Material shown below:

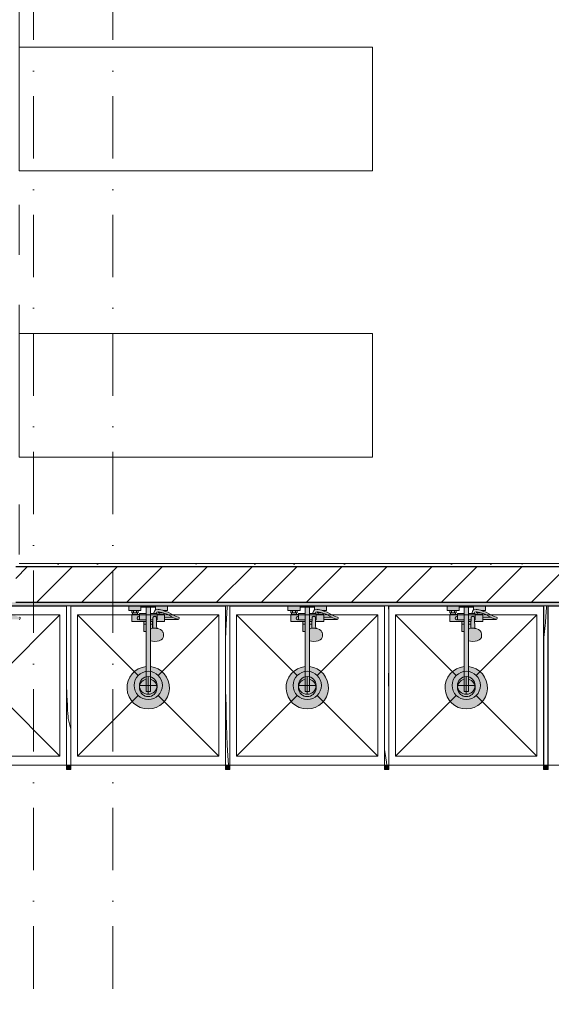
# Model space of a CAD drawing. Header units: millimetres. Extents: x -59761 to 112741, y -57975 to 46221.
# Tile 325 of 421: x 62923 to 65931, y -35312 to -29747. Entities that reach past the tile are written whole.
import ezdxf

# ---------------------------------------------------------------- set-up
doc = ezdxf.new("R2010")
doc.units = ezdxf.units.MM
for name, pattern in [('Wipeout_Contour', [1000, 0, -1000]), ('Штриховая', [564.444447, 282.222223, -282.222223]), ('Штрихпунктирная', [670.277762, 352.777767, -176.388884, 0, -141.111112])]:
    doc.linetypes.add(name, pattern=pattern)
for name, color, linetype in [('Интерьер - конструкции мебели', 7, 'Continuous'), ('Интерьер - Оборудование', 7, 'Continuous'), ('Интерьер - Сантехника', 7, 'Continuous'), ('Конструктив - Стены Блок 200 нов', 7, 'Continuous'), ('Элемент Модели - Зона', 7, 'Continuous'), ('Элемент Модели - Оси', 2, 'Continuous')]:
    doc.layers.add(name, color=color, linetype=linetype)
pattern_1 = [(45, (-45000, -53650), (-111.36932, 111.36932), [0, -105, 0, -157.5]), (110, (-44650, -53650), (148.00159, 53.86817), [0, -77, 0, -133])]

# ---------------------------------------------------------------- blocks, each defined once
blk = doc.blocks.new('*X589', base_point=(2412685.8, -340475.5))
at = {"layer": 'Интерьер - Оборудование', "color": 7, "linetype": 'Continuous', "lineweight": 15}
for p, q in [((2523586.9, -319590.9), (2523587.8, -319577.2)), ((2523587.8, -319577.2), (2523588.6, -319563.5)), ((2523588.6, -319563.5), (2523589.1, -319549.7)), ((2523589.1, -319549.7), (2523589.5, -319536)), ((2523589.5, -319535.4), (2523589.5, -319536)), ((2523581.6, -319645.6), (2523583.2, -319632)), ((2523583.2, -319632), (2523584.6, -319618.3)), ((2523584.6, -319618.3), (2523585.9, -319604.6)), ((2523585.9, -319604.6), (2523586.9, -319590.9)), ((2523573.8, -319715.1), (2523581.6, -319645.6))]:
    blk.add_line(p, q, dxfattribs=at)
blk = doc.blocks.new('*X590', base_point=(2412685.8, -340475.5))
at = {"layer": 'Интерьер - Оборудование', "color": 7, "linetype": 'Continuous', "lineweight": 15}
for p, q in [((2522697.8, -319575.9), (2522695.1, -319535.4)), ((2522696.9, -319876.7), (2522697.8, -319823.2)), ((2522696.4, -319953), (2522696.9, -319876.7)), ((2522696.8, -320029.4), (2522696.4, -319953)), ((2522697.8, -320096.8), (2522696.8, -320029.4)), ((2522673.8, -320346.6), (2522677.5, -320370.2)), ((2522677.5, -320370.2), (2522681, -320394.5)), ((2522681, -320394.5), (2522684, -320418.8)), ((2522684, -320418.8), (2522685.8, -320435.4))]:
    blk.add_line(p, q, dxfattribs=at)
blk = doc.blocks.new('*X591', base_point=(2412685.8, -340475.5))
at = {"layer": 'Интерьер - Оборудование', "color": 7, "linetype": 'Continuous', "lineweight": 15}
for p, q in [((2521778.6, -319609.7), (2521782.7, -319543.8)), ((2521782.7, -319543.8), (2521783.3, -319535.4)), ((2521775.5, -319675.8), (2521778.6, -319609.7)), ((2521773.8, -319726.6), (2521775.5, -319675.8)), ((2521774, -320028.4), (2521773.8, -320021.1)), ((2521774.4, -320039.5), (2521774, -320028.4)), ((2521774.8, -320050.5), (2521774.4, -320039.5)), ((2521775.2, -320061.6), (2521774.8, -320050.5)), ((2521775.6, -320072.7), (2521775.2, -320061.6)), ((2521776.1, -320083.8), (2521775.6, -320072.7)), ((2521776.6, -320094.9), (2521776.1, -320083.8)), ((2521777.3, -320152.1), (2521776.6, -320094.9)), ((2521778.7, -320209.2), (2521777.3, -320152.1)), ((2521780.7, -320266.4), (2521778.7, -320209.2)), ((2521783.4, -320323.4), (2521780.7, -320266.4)), ((2521786.8, -320380.5), (2521783.4, -320323.4)), ((2521790.7, -320435.4), (2521786.8, -320380.5))]:
    blk.add_line(p, q, dxfattribs=at)
blk = doc.blocks.new('*X592', base_point=(2412685.8, -340475.5))
at = {"layer": 'Интерьер - Оборудование', "color": 7, "linetype": 'Continuous', "lineweight": 15}
for p, q in [((2520874.3, -320015.3), (2520873.8, -320000.3)), ((2520875.4, -320042), (2520874.3, -320015.3)), ((2520876.7, -320068.6), (2520875.4, -320042)), ((2520878.2, -320095.2), (2520876.7, -320068.6)), ((2520879.8, -320121.7), (2520878.2, -320095.2)), ((2520881.7, -320148.3), (2520879.8, -320121.7)), ((2520882, -320156.2), (2520881.7, -320148.3)), ((2520882.7, -320164.1), (2520882, -320156.2)), ((2520883.6, -320171.9), (2520882.7, -320164.1)), ((2520884.8, -320179.7), (2520883.6, -320171.9)), ((2520886.2, -320187.5), (2520884.8, -320179.7)), ((2520887.9, -320195.2), (2520886.2, -320187.5)), ((2520889.9, -320202.9), (2520887.9, -320195.2)), ((2520892.2, -320210.4), (2520889.9, -320202.9)), ((2520897.8, -320230.2), (2520892.2, -320210.4))]:
    blk.add_line(p, q, dxfattribs=at)

msp = doc.modelspace()

# ---------------------------------------------------------------- linework, layer by layer
at = {"layer": 'Интерьер - конструкции мебели', "color": 7, "linetype": 'Continuous', "lineweight": 15, "flags": 128}
for points in [[(62920, -29901.27), (62920, -30601.17), (64919.41, -30601.17), (64919.41, -29901.27)], [(62920, -31519.99), (62920, -32219.89), (64919.41, -32219.89), (64919.41, -31519.99)]]:
    msp.add_lwpolyline(points, close=True, dxfattribs=at)
at = {"layer": 'Интерьер - Оборудование', "color": 7, "linetype": 'Continuous', "lineweight": 5}
for p, q in [((63561.03, -33099.89), (63589.03, -33099.89)), ((63561.03, -33107.89), (63589.03, -33107.89)), ((63600.03, -33107.89), (63600.03, -33139.89)), ((63638.03, -33103.89), (63638.03, -33204.89)), ((63662.03, -33256.93), (63662.03, -33103.89)), ((63694.49, -33103.89), (63680.63, -33103.89)), ((63700.03, -33139.89), (63700.03, -33107.89)), ((63700.03, -33111.89), (63700.03, -33109.16)), ((63700.03, -33115), (63700.03, -33111.89)), ((63700.03, -33118.37), (63700.03, -33115)), ((63708.39, -33093.75), (63706.82, -33093.47)), ((63727.5, -33097.44), (63708.39, -33093.75)), ((63711.03, -33099.89), (63716.03, -33099.89)), ((63739.03, -33107.89), (63711.03, -33107.89)), ((63716.03, -33095.23), (63716.03, -33099.89)), ((63716.03, -33099.89), (63734.03, -33099.89)), ((63739.03, -33101.52), (63727.5, -33097.44)), ((63734.03, -33099.75), (63734.03, -33099.89)), ((63734.03, -33099.89), (63734.41, -33099.89)), ((64461.03, -33099.89), (64489.03, -33099.89)), ((64461.03, -33107.89), (64489.03, -33107.89)), ((64500.03, -33107.89), (64500.03, -33139.89)), ((64538.03, -33103.89), (64538.03, -33204.89)), ((64562.03, -33256.93), (64562.03, -33103.89)), ((64594.49, -33103.89), (64580.63, -33103.89)), ((64600.03, -33139.89), (64600.03, -33107.89)), ((64600.03, -33111.89), (64600.03, -33109.16)), ((64600.03, -33115), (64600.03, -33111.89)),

End of Material shown.

**Your goal**
From the records above, quote only the lines running from the line with "doc.units = ezdxf.units.MM" to the line with "for name, color, linetype", both lines included.

**Answer to this exercise**
doc.units = ezdxf.units.MM
for name, pattern in [('Wipeout_Contour', [1000, 0, -1000]), ('Штриховая', [564.444447, 282.222223, -282.222223]), ('Штрихпунктирная', [670.277762, 352.777767, -176.388884, 0, -141.111112])]:
    doc.linetypes.add(name, pattern=pattern)
for name, color, linetype in [('Интерьер - конструкции мебели', 7, 'Continuous'), ('Интерьер - Оборудование', 7, 'Continuous'), ('Интерьер - Сантехника', 7, 'Continuous'), ('Конструктив - Стены Блок 200 нов', 7, 'Continuous'), ('Элемент Модели - Зона', 7, 'Continuous'), ('Элемент Модели - Оси', 2, 'Continuous')]:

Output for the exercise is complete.